# Combine wetlands from wetlands and mangroves datasets into single shapefile

In [None]:
import subprocess
import warnings

import geopandas as gpd
import numpy as np
import pandas as pd
import pygeos
import xarray as xr
from rhg_compute_tools import kubernetes as rhgk

from sliiders import settings as sset

warnings.filterwarnings("ignore", message=".*initial implementation of Parquet.*")
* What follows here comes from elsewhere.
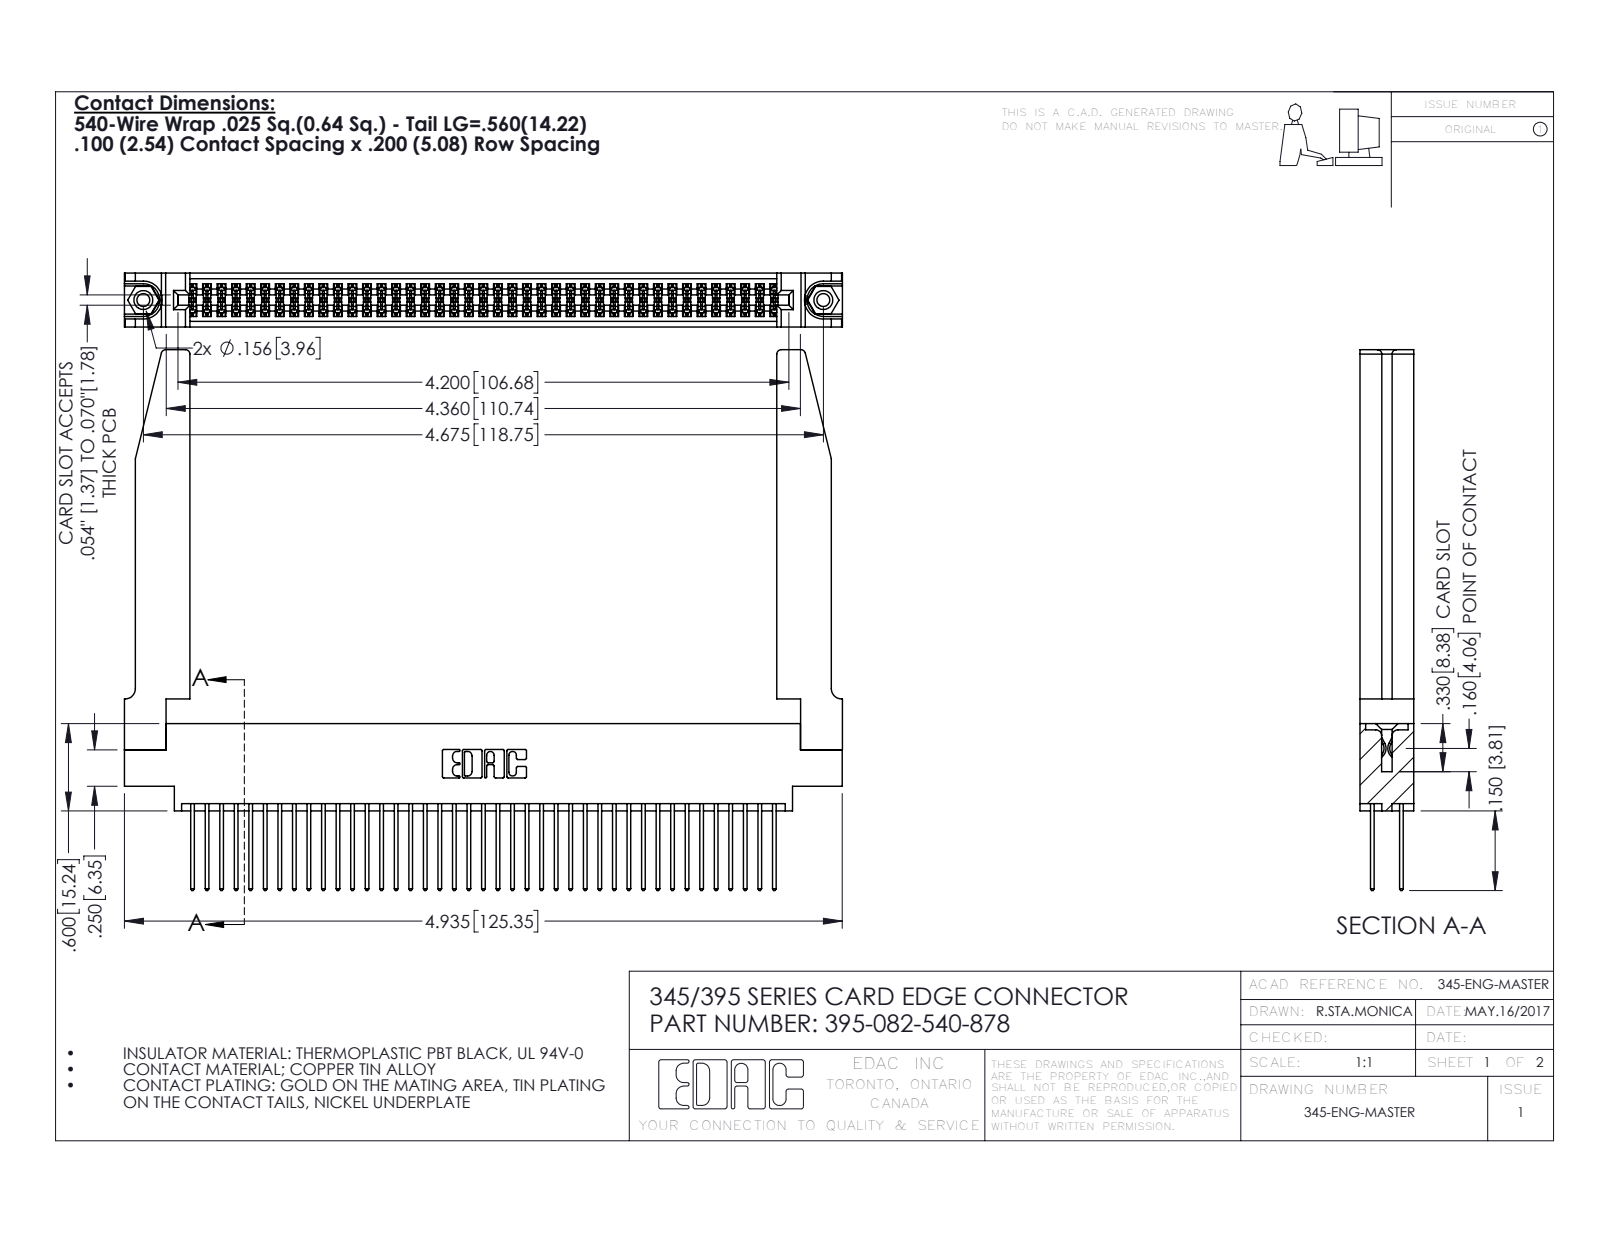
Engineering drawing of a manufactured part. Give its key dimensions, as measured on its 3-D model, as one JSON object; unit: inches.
{"part_name": "345-292-001_345-293-140; 345 Part_0.170 Offset - 0.156 Dia-TH; 345-250-001_345-250-001-102; 395-082-540-878 (+1 more)", "step_written_by": "SolidWorks 2016 (CONFIG_CONTROL_DESIGN)", "units": "inches", "bodies": {"solids": 87, "faces": 4464, "planar": 2932, "cylindrical": 1480, "other": 52}, "overall_size": [4.936, 3.717, 0.37], "volume_in3": 1.229, "surface_area_in2": 41.36, "round_holes": [[0.089, 2], [0.125, 2], [0.156, 2], [0.064, 1]], "round_bosses_or_shafts": [[0.155, 2]], "partial_cylinders_radius": [[0.006, 123], [0.01, 82], [0.01, 22], [0.03, 8], [0.007, 6], [0.031, 6], [0.026, 3], [0.014, 2]], "face_to_face_distances": [0.072, 0.298, 0.37, 0.2, 0.098, 0.272, 0.025, 0.225, 0.175, 0.148], "hole_center_spacings": [0.27, 4.439, 4.675]}
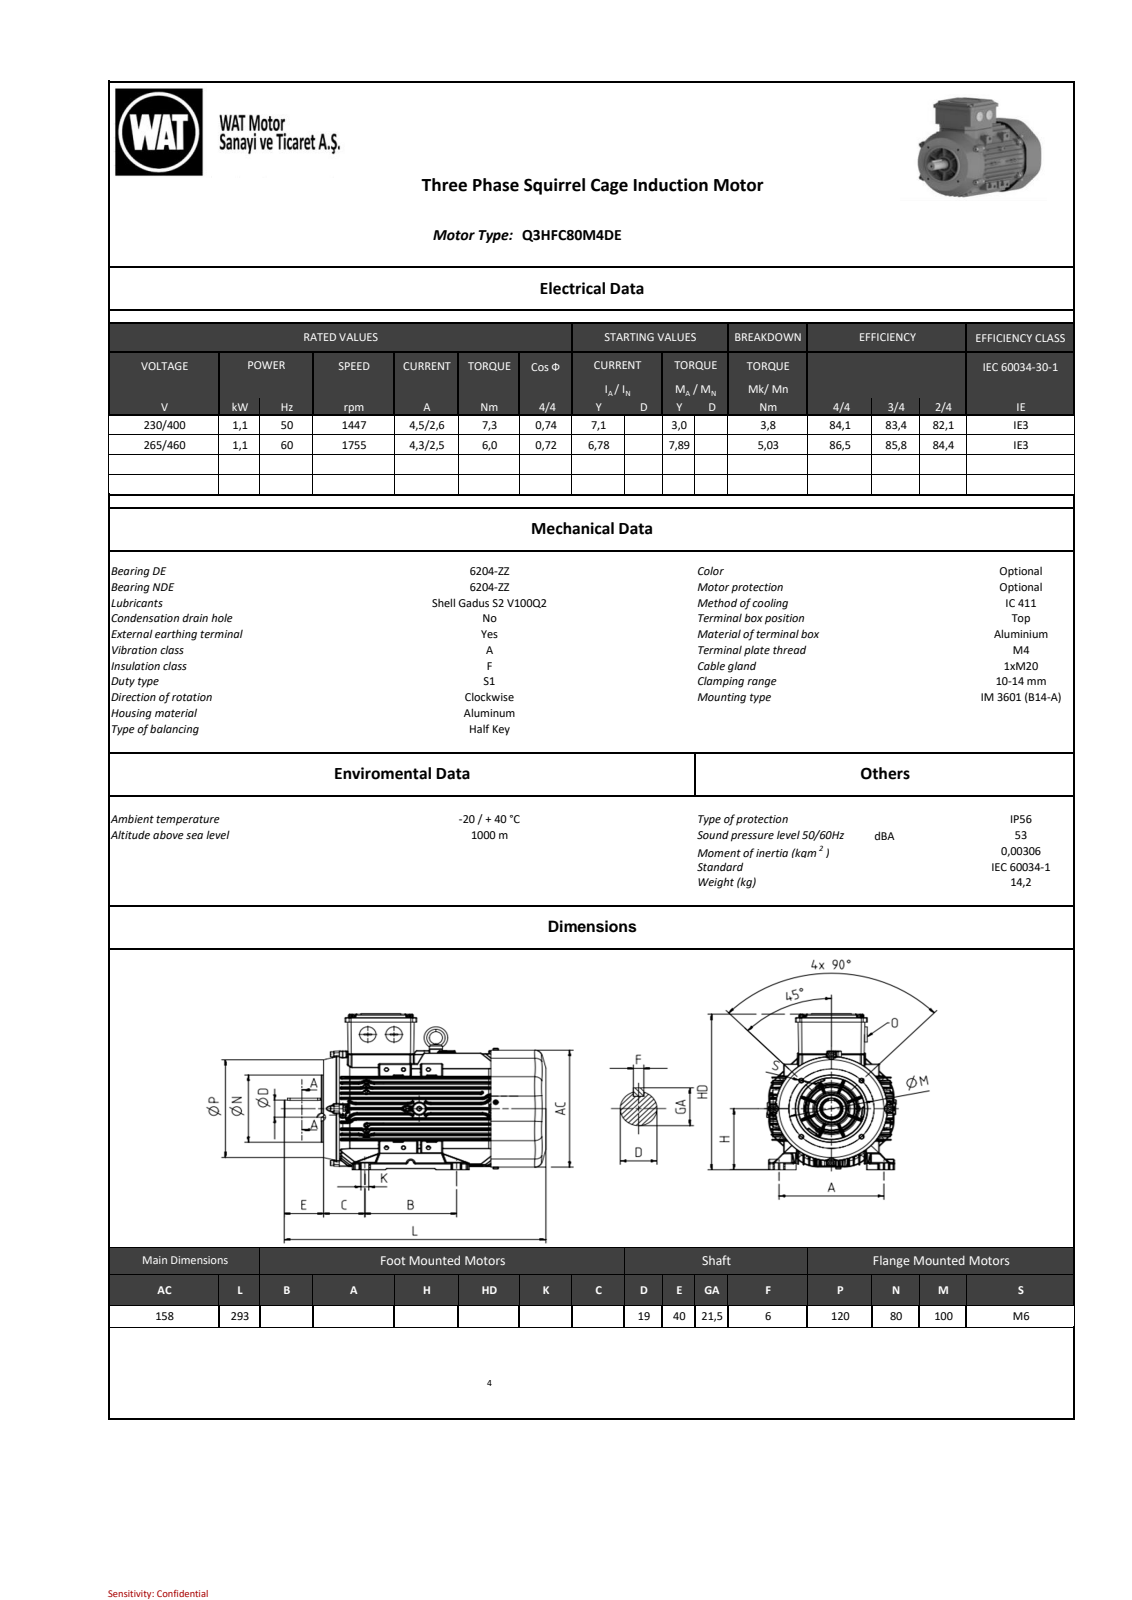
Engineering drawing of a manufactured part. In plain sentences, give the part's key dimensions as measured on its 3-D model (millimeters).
The part is named "model1". Its 3-D file was written by "SIEMENS PLM Software NX2206.8101 (AUTOMOTIVE_DESIGN)". It is 0 solids with 5291 faces: 1085 planar, 1548 cylindrical and 2658 other. Overall it measures 293 by 214.5 by 158 millimeters. Round holes: 3 of diameter 3, 2 of diameter 3.5, 2 of diameter 4.6, 2 of diameter 5, 1 of diameter 3.3, 1 of diameter 8, 1 of diameter 51, 1 of diameter 57. Round bosses or shafts: 5 of diameter 6, 3 of diameter 8.33, 2 of diameter 21.38, 1 of diameter 146.5, 1 of diameter 80, 1 of diameter 61, 1 of diameter 30, 1 of diameter 24.07. Partial cylindrical surfaces (rounded edges, fillets, slot ends): 555 of radius 0.5, 281 of radius 0.8, 170 of radius 1, 21 of radius 2, 12 of radius 5, 8 of radius 75.75, 4 of radius 2.25, 4 of radius 3.5. The main face-to-face distances are 1, 41.96, 157, 156.98, 10.36, 86, 10.49, 52.32, 18, 221. The hole center spacings are 25.5, 44.17, 44.16, 50.3, 54.45, 70.94.

PATH_GLOBCOVER_NC = sset.PATH_GLOBCOVER_2009.parent / (
    sset.PATH_GLOBCOVER_2009.stem + ".nc"
)
PATH_GLOBCOVER_SHP = sset.PATH_GLOBCOVER_2009.parent / (
    sset.PATH_GLOBCOVER_2009.stem + ".shp"
)

## 1. Get wetland cover from `GLOBCOVER` as `.nc`

In [None]:
client, cluster = rhgk.get_micro_cluster()

cluster.scale(8)
cluster

In [None]:
da = xr.open_rasterio(sset.PATH_GLOBCOVER_2009, chunks={"x": 32400, "y": 27900})

In [None]:
da = da.persist()

In [None]:
da = da.squeeze("band").drop("band")

In [None]:
da = da.isin([160, 170, 180]).persist()

In [None]:
da = da.to_dataset(name="wetlands")

In [None]:
da = da.compute()

In [None]:
da.to_netcdf(PATH_GLOBCOVER_NC)

In [None]:
client.close()
cluster.close()

## 2. Vectorize
### Run `gdal_polygonize.py` in shell

In [None]:
cmd = f"gdal_polygonize.py {str(PATH_GLOBCOVER_NC)} {str(PATH_GLOBCOVER_SHP)}"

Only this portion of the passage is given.